Stefano Calcaterra was born in Rome, Italy, in 1988. He received the master degree in Computer Engineering from the University of Roma Tre, Rome, Italy, in December 2014. He focused his activity as developer on the development of mobile applications for Android and iOS, including features like Virtual Reality and interactions with the Arduino platform. In 2012, he worked with the Fondazione Ugo Bordoni (FUB, Rome, Italy), developing an Android-based application for the enhancement of cultural heritage. From 2015 to 2016, he works for HP CDS as business applications engineer.

Since January 2017, he is working at ES Field Delivery Italia.

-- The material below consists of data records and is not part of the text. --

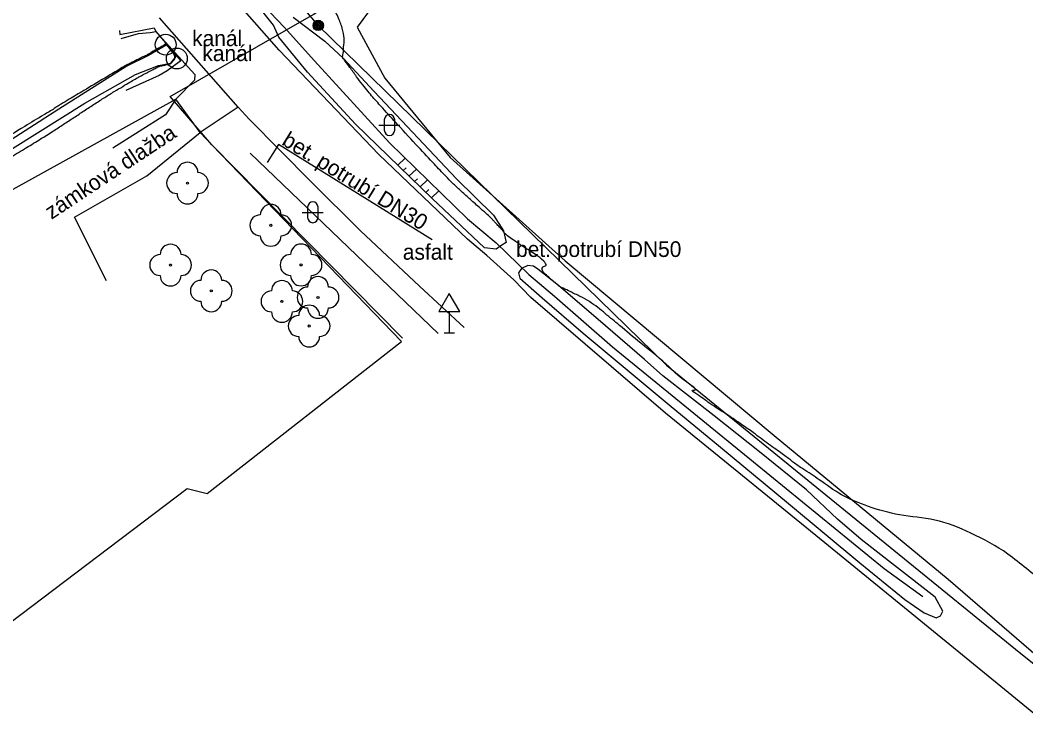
# Model space of a CAD drawing. Extents: x -478000 to -474772, y -1116847 to -1114124.
# Drawn here: x -477061.8 to -476965.5, y -1115085.9 to -1115018.8 of the extents above; entities that cross this region are included whole.
import ezdxf

# ---------------------------------------------------------------- set-up
doc = ezdxf.new("R2010")
doc.units = 0
for name, color, linetype in [('BodoveZnackyDopravniZnacky', 7, 'Continuous'), ('BodoveZnackySachtaKanalizacni', 7, 'Continuous'), ('BodoveZnackySloupy', 7, 'Continuous'), ('NadzemniVedeniSdelovaci', 7, 'Continuous'), ('ObPÚ', 7, 'Continuous'), ('OstatniRozhrani', 7, 'Continuous'), ('Ploty', 7, 'Continuous'), ('PopisneZnackyKultura', 7, 'Continuous'), ('PopisObjektu', 7, 'Continuous'), ('PopisPovrchu', 7, 'Continuous'), ('RozhraniKultur', 7, 'Continuous'), ('RozhraniVozovky', 7, 'Continuous'), ('Teren_HranaSvahu', 7, 'Continuous'), ('Teren_PataSvahu', 7, 'Continuous'), ('Vrstevnice_hlavni', 7, 'Continuous'), ('Vrstevnice_vedlejsi', 7, 'Continuous'), ('VstupNaPozemek', 7, 'Continuous'), ('VyskoveSrafy', 7, 'Continuous'), ('ZnackyStromu', 7, 'Continuous')]:
    doc.layers.add(name, color=color, linetype=linetype)

msp = doc.modelspace()

# ---------------------------------------------------------------- linework, layer by layer
at = {"layer": 'BodoveZnackyDopravniZnacky'}
for p, q in [((-477020.742, -1115046.666), (-477020.742, -1115048.706)), ((-477021.242, -1115048.706), (-477020.242, -1115048.706))]:
    msp.add_line(p, q, dxfattribs=at)
msp.add_lwpolyline([(-477021.742, -1115046.666), (-477019.742, -1115046.666), (-477020.742, -1115044.946)], close=True, dxfattribs=at)
at = {"layer": 'BodoveZnackySachtaKanalizacni'}
for centre in [(-477047.9, -1115021.11), (-477046.83, -1115022.43)]:
    msp.add_circle(centre, 1, dxfattribs=at)
at = {"layer": 'BodoveZnackySloupy'}
for radius in [0.5, 0.4, 0.3, 0.2, 0.1]:
    msp.add_circle((-477033.291, -1115019.258), radius, dxfattribs=at)
at = {"layer": 'NadzemniVedeniSdelovaci'}
msp.add_line((-477043.667, -1115007.336), (-477033.291, -1115019.258), dxfattribs=at)
msp.add_lwpolyline([(-477033.291, -1115019.258), (-476999.93, -1115051.795), (-476966.529, -1115079.016), (-476928.709, -1115109.384), (-476895.363, -1115135.649), (-476857.802, -1115165.882), (-476818.46, -1115197.071), (-476787.517, -1115222.228)], dxfattribs=at)
at = {"layer": 'ObPÚ'}
msp.add_lwpolyline([(-477231.42, -1115250.62), (-477154.22, -1115173.58), (-477134.18, -1115148.75), (-477133.16, -1115130.26), (-477132.09, -1115111.94), (-477138.91, -1115081.32), (-477119.74, -1115082.72), (-477097.23, -1115062.71), (-477080.55, -1115086.81), (-477072.47, -1115083.76), (-477045.85, -1115063.61), (-477043.93, -1115064.09), (-477025.31, -1115049.55), (-477043.48, -1115030.71), (-477047.46, -1115026.08), (-477033.7, -1115018.17), (-476933.96, -1114947.92), (-476834.35, -1114877.76), (-476714.64, -1114803.8), (-476602.93, -1114745.91), (-476491.34, -1114705.52), (-476390.17, -1114678.77), (-476300.68, -1114655.71)], dxfattribs=at)
at = {"layer": 'OstatniRozhrani'}
for p, q in [((-477048.86, -1115019.86), (-477045.113, -1115023.965)), ((-477045.113, -1115023.965), (-477045.15, -1115024.51)), ((-477045.15, -1115024.51), (-477046.94, -1115026.33)), ((-477046.94, -1115026.33), (-477047.926, -1115027.82)), ((-477047.926, -1115027.82), (-477052.975, -1115031.021)), ((-477040.95, -1115027.09), (-477044.6, -1115029.53)), ((-477016.248, -1115040.091), (-477013.132, -1115043.119))]:
    msp.add_line(p, q, dxfattribs=at)
for points in [[(-477052.31, -1115019.75), (-477052.28, -1115020.12), (-477049.01, -1115019.5)], [(-477049.01, -1115019.5), (-477048.86, -1115019.86)], [(-477053.577, -1115043.726), (-477056.618, -1115037.636), (-477049.712, -1115033.684), (-477044.6, -1115029.53)], [(-477021.815, -1115048.773), (-477039.806, -1115031.489)]]:
    msp.add_lwpolyline(points, dxfattribs=at)
at = {"layer": 'Ploty'}
msp.add_line((-477065.753, -1115036.725), (-477046.94, -1115026.33), dxfattribs=at)
msp.add_lwpolyline([(-477043.48, -1115030.71), (-477025.21, -1115049.23)], dxfattribs=at)
at = {"layer": 'PopisneZnackyKultura'}
for p, q in [((-477026.98, -1115028.311), (-477026.98, -1115029.311)), ((-477025.98, -1115028.311), (-477025.98, -1115029.311)), ((-477027.48, -1115028.811), (-477025.48, -1115028.811)), ((-477034.818, -1115037.168), (-477032.818, -1115037.168)), ((-477034.318, -1115036.668), (-477034.318, -1115037.668)), ((-477033.318, -1115036.668), (-477033.318, -1115037.668))]:
    msp.add_line(p, q, dxfattribs=at)
for centre, start, end in [((-477026.471, -1115028.303), 0, 180), ((-477026.471, -1115029.303), 180, 0), ((-477033.81, -1115036.66), 0, 180), ((-477033.81, -1115037.66), 180, 0)]:
    msp.add_arc(centre, 0.5, start, end, dxfattribs=at)
at = {"layer": 'PopisObjektu'}
for p, q in [((-477037.089, -1115030.659), (-477038.168, -1115032.399)), ((-477037.089, -1115030.659), (-477038.168, -1115032.399)), ((-477022.374, -1115039.79), (-477037.089, -1115030.659)), ((-477022.374, -1115039.79), (-477037.089, -1115030.659))]:
    msp.add_line(p, q, dxfattribs=at)
at = {"layer": 'RozhraniKultur'}
msp.add_lwpolyline([(-476977.493, -1114980.375), (-477007.129, -1115002.001), (-477014.915, -1115008.242), (-477024.119, -1115014.107), (-477027.941, -1115017.232), (-477029.578, -1115019.427), (-477026.9, -1115024.33), (-477020.646, -1115031.926), (-477009.657, -1115041.804), (-476989.625, -1115058.533), (-476972.959, -1115072.298), (-476959.884, -1115083.606), (-476949.57, -1115092.134), (-476936.86, -1115101.458), (-476916.801, -1115117.809), (-476898.41, -1115131.913), (-476893.29, -1115135.894), (-476884.407, -1115144.075), (-476873.818, -1115152.879), (-476869.38, -1115155.33)], dxfattribs=at)
at = {"layer": 'RozhraniVozovky'}
for p, q in [((-477039.9, -1115028.25), (-477033.981, -1115034.239)), ((-477033.981, -1115034.239), (-477029.236, -1115038.949)), ((-477029.236, -1115038.949), (-477023.593, -1115044.225)), ((-477023.593, -1115044.225), (-477019.316, -1115048.201))]:
    msp.add_line(p, q, dxfattribs=at)
for points in [[(-476865.295, -1115165.15), (-476877.91, -1115155.046), (-476889.001, -1115146.126), (-476898.45, -1115138.608), (-476912.991, -1115126.893), (-476925.609, -1115116.576), (-476934.243, -1115109.589), (-476945.7, -1115100.408), (-476959.339, -1115089.601), (-476971.594, -1115079.598), (-476985.634, -1115068.114), (-477000.032, -1115056.392), (-477012.922, -1115045.335), (-477014.574, -1115043.636), (-477017.158, -1115041.291), (-477019.005, -1115039.725), (-477027.483, -1115031.623), (-477037.022, -1115021.628), (-477042.231, -1115015.698), (-477046.885, -1115010.045)], [(-477039.9, -1115028.25), (-477040.95, -1115027.09), (-477048.51, -1115018.53)]]:
    msp.add_lwpolyline(points, dxfattribs=at)
at = {"layer": 'Teren_HranaSvahu'}
for p, q in [((-477052.175, -1115020.52), (-477050.512, -1115020.049)), ((-477050.512, -1115020.049), (-477049.375, -1115019.926)), ((-477049.375, -1115019.926), (-477048.86, -1115019.86)), ((-477048.86, -1115019.86), (-477046.466, -1115022.67)), ((-477046.466, -1115022.67), (-477047.774, -1115023.626)), ((-477047.774, -1115023.626), (-477048.526, -1115024.054)), ((-477048.526, -1115024.054), (-477051.718, -1115025.509))]:
    msp.add_line(p, q, dxfattribs=at)
msp.add_lwpolyline([(-477035.707, -1115018.475), (-477032.661, -1115020.769), (-477030.906, -1115022.389), (-477027.947, -1115025.584), (-477020.066, -1115033.955), (-477016.5, -1115037.431), (-477015.559, -1115038.929), (-477015.304, -1115040.063), (-477015.708, -1115040.303), (-477016.242, -1115040.684), (-477017.369, -1115040.576), (-477022.381, -1115035.841), (-477029.723, -1115028.731), (-477034.336, -1115023.744), (-477037.062, -1115020.38), (-477037.585, -1115019.228), (-477041.218, -1115014.655)], dxfattribs=at)
msp.add_lwpolyline([(-477005.774, -1115048.027), (-477010.278, -1115044.187), (-477012.255, -1115042.62), (-477012.695, -1115042.332), (-477013.222, -1115042.252), (-477013.828, -1115042.55), (-477014.11, -1115042.948), (-477014.002, -1115043.483), (-477011.852, -1115045.345), (-477007.91, -1115048.742), (-476999.695, -1115055.616), (-476994.787, -1115059.668), (-476988.263, -1115065.069), (-476981.432, -1115070.738), (-476977.131, -1115074.256), (-476975.274, -1115075.534), (-476974.108, -1115076.008), (-476973.702, -1115075.822), (-476973.497, -1115075.364), (-476974.213, -1115074.026), (-476978.122, -1115071.011), (-476981.313, -1115068.496), (-476983.575, -1115066.56), (-476986.53, -1115063.741), (-476991.025, -1115060.103), (-476995.39, -1115056.669), (-477000.307, -1115052.817), (-477002.036, -1115051.25)], close=True, dxfattribs=at)
at = {"layer": 'Teren_PataSvahu'}
for points in [[(-477047.805, -1115006.016), (-477041.728, -1115013.393), (-477040.206, -1115015.068), (-477039.547, -1115015.621), (-477037.87, -1115018.041), (-477036.57, -1115019.43), (-477033.66, -1115022.664), (-477026.482, -1115030.497), (-477018.989, -1115037.803), (-477016.248, -1115040.091)], [(-477064.756, -1115032.395), (-477055.652, -1115026.703), (-477050.782, -1115023.971), (-477048.583, -1115023.109), (-477047.416, -1115022.87), (-477046.913, -1115022.248), (-477047.8, -1115021.106), (-477049.557, -1115022.132), (-477051.634, -1115023.162), (-477058.143, -1115027.298), (-477067.397, -1115033.22)], [(-477013.132, -1115043.119), (-477010.662, -1115045.21), (-477005.106, -1115050.049), (-476991.599, -1115061.056), (-476979.115, -1115071.301), (-476975.404, -1115073.978)]]:
    msp.add_lwpolyline(points, dxfattribs=at)
at = {"layer": 'Vrstevnice_hlavni'}
for points in [[(-477017.894, -1115036.673), (-477018.831, -1115035.848), (-477019.673, -1115035.079), (-477020.422, -1115034.367), (-477021.076, -1115033.712), (-477022.168, -1115032.564), (-477023.697, -1115030.923), (-477025.662, -1115028.788), (-477027.122, -1115027.188), (-477028.074, -1115026.123), (-477028.52, -1115025.593), (-477029.034, -1115024.943), (-477029.617, -1115024.173), (-477030.269, -1115023.282), (-477030.708, -1115022.682), (-477030.934, -1115022.374), (-477030.946, -1115022.357), (-477030.928, -1115022.077), (-477030.878, -1115021.535), (-477030.797, -1115020.729), (-477030.934, -1115019.788), (-477031.286, -1115018.713), (-477031.856, -1115017.503), (-477032.238, -1115016.683), (-477032.433, -1115016.253), (-477032.44, -1115016.214), (-477032.443, -1115016.185), (-477032.441, -1115016.166), (-477032.435, -1115016.159), (-477032.431, -1115016.153), (-477032.428, -1115016.149), (-477032.426, -1115016.147), (-477032.373, -1115016.122), (-477032.267, -1115016.074), (-477032.11, -1115016.003), (-477031.64, -1115015.843), (-477030.858, -1115015.596), (-477029.763, -1115015.26), (-477028.959, -1115014.975), (-477028.444, -1115014.74), (-477028.219, -1115014.556), (-477028.06, -1115014.364), (-477027.968, -1115014.165), (-477027.943, -1115013.958), (-477027.674, -1115013.593), (-477027.161, -1115013.071), (-477026.405, -1115012.392), (-477025.889, -1115011.927), (-477025.616, -1115011.677), (-477025.583, -1115011.642), (-477025.534, -1115011.602), (-477025.469, -1115011.556), (-477025.387, -1115011.505), (-477025.033, -1115011.201), (-477024.407, -1115010.643), (-477023.509, -1115009.833), (-477022.858, -1115009.263), (-477022.455, -1115008.935), (-477022.299, -1115008.848), (-477021.991, -1115008.674), (-477021.533, -1115008.413), (-477020.923, -1115008.064), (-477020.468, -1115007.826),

Francesco Benedetto (S’04-A’08-M’10-SM’15) was born in Rome, Italy, in 1977. He received the Dr. Eng. degree in electronic engineering and the Ph.D. degree in telecommunication engineering from the University of Roma Tre, Rome, Italy, in May 2002 and April 2007, respectively. In 2007, he was a research fellow of the Department of Applied Electronics of the Third University of Rome. Since 2008, he has been an Assistant Professor of Telecommunications at the Third University of Rome. In May 2017, He won the National Academic

Qualification as Associate Professor. His research interests are in the field of ground penetrating radar, software and cognitive radio, digital signal and image processing for telecommunications and economics, code acquisition, and synchronization for the 3G mobile communication systems and multimedia communication. Since 2016, He is the Chair of the IEEE 1900.1 working group on "Definitions and Concepts for Dynamic Spectrum Access: Terminology Relating to Emerging Wireless Networks, System Functionality, and Spectrum Management". He is the Leader of the WP 3.5 on “Development of advanced GPR Data Processing technique” of the European COST Action TU1208 - Civil Engineering Applications of Ground Penetrating Radar. He is an Editor of the IEEE SDN Newsletter, the General Chair of the Series of International Workshops on Signal Processing for Secure Communications (SP4SC-2014, 2015, 2016), and the Lead Guest Editor of the Special Issue on "Advanced Ground Penetrating Radar Signal Processing Techniques" for the Signal Processing Journal (Elsevier). Dr. F. Benedetto also served as a reviewer for several IEEE TRANSACTIONS, IET (formerly IEE) proceedings, EURASIP and ELSEVIER journals, and a TPC member for several IEEE international conferences and symposia in the same fields.